Originally Posted by *nepas* 
no afraid not.


----------



## willpower101

ok, be back in a min to test the f8 thing. I've only not done it from what i've read. I entered *bcdedit /set loadoptions DDISABLE_INTEGRITY_CHECKS* in an elevated console already, but i'll try that again too.

i'm totally about ready to go to ubuntu or mint


----------



## willpower101

Started up the comp to "Fanio driver not started"


----------



## nepas

what system are you trying to run it on?and have you got the latest version?

google shows that 3.1 is the latest(Feb 07) and is x64 and vist compat.)

http://www.diefer.de/i8kfan/index.html


----------



## willpower101

windows 7 rc1 7100 x64
using the v 3.1 vista x64 compatible version of i8kfangui
Should run fine. But Googling the problem shows a lot of people have problems with it in vista two


----------



## FoulFoot

I've gotten this to work fine on Windows 7 64-bit (I have a Dell XPS Gen 2). It took me a while, but I managed to get the driver file (fanio.sys) signed using the Driver Signature Enforcement Overrider.

I've posted my modified copy here:

http://www.acaeum.com/images/I8kfanGUI64.zip

Please try it out and let me know if it works. Note the "readme.txt" included in the distro -- I had to extract the files from the installer in order to sign the driver, so you have to manually install this now.

First, install and run the "Driver Signature Enforcement Overrider", available at:

http://www.ngohq.com/home.php?page=dseo

After running, select "Enable Test Mode". The nice thing is that you'll only have to do this once, and it's completely transparent afterwords.

Then copy all the files in the I8kfanGUI64.zip distro to your Program Files x86 directory, and run "faninst.exe" file to install the driver. Finally, run I8kfanGUI.exe to start the program.

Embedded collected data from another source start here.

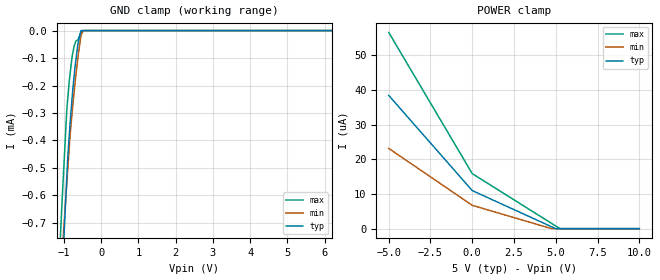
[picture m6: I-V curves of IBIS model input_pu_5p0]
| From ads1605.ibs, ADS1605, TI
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|   INPUT_PU 5.0V Model
[Model]   input_pu_5p0
Model_type   Input
Vinl = 1.5
Vinh = 3.5
|   typ   min   max
|   (nom PVT)   (Fast PVT)   (Slow PVT)
C_comp   3.795e-13   3.735e-13   4.445e-13
|Where nom PVT is NOM Process, 5.0V,39C
|   Fast PVT is Strong Process, 5.25V, -40C
|   Slow PVT is Weak Process, 4.75V, 99C
[Model Spec]
Vinl   1.5   1.425   1.575
Vinh   3.5   3.325   3.675
[Voltage Range]   5   4.75   5.25
|Ambient Temperature   25   85   -40
|Junction Temperature
[Temperature Range]   39   99   -40
[Power Clamp Reference]   5   4.75   5.25
[GND Clamp Reference]   0   0   0
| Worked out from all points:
|   GND clamp passes 1 mA (typ) near -1.09 V on its own axis
[GND Clamp]
|   Voltage   I(typ)   I(min)   I(max)
-5V       -13.49mA   -9.526mA   -14.31mA
-1.091V   -1.007mA   -889.8uA   -734uA
-1.047V   -882.6uA   -801.7uA   -610.5uA
-926mV    -540uA     -559.8uA   -292.3uA
-900mV    -466.2uA   -507.8uA   -249.9uA
-857.8mV  -381.2uA   -423.1uA   -182.9uA
-779mV    -240.7uA   -295.7uA   -93.84uA
-700mV    -127.7uA   -186.9uA   -45.61uA
-620mV    -44.71uA   -92.51uA   -31.58uA
-544.5mV  0A         -19.04uA   -7.919uA
-474.5mV  0A         0A         0A
10V       0A         0A         0A
[POWER Clamp]
|   Voltage   I(typ)   I(min)   I(max)
-5V       38.48uA    23.18uA    56.67uA
3.25mV    10.99uA    6.731uA    15.87uA
4.752V    545.9nA    0A         1.516uA
5V        0A         0A         765.7nA
5.253V    0A         0A         0A
10V       0A         0A         0A

It works great; the only (minor) annoyance is that I can't get it to start minimized, no matter what option I select. But it's a simple matter to just close the screen down manually.

Enjoy!

Foul


----------



## gonX

Check my signature


----------



## Astormski

Quote:


> Originally Posted by *88EVGAFTW;6144385*
> *press F8 right after initial post for vista*, Select Disable Driver enforcement or something like that, forget the name but you will see it. Idk if its the same for WIn 7, try it on 7 anyways.


Pressing F8 on startup works fine on Windows 7, I downloaded the 18kfangui 64 bit version and it installed ok







Here's the link - http://www.diefer.de/software/i8kfangui31_x64.exe


----------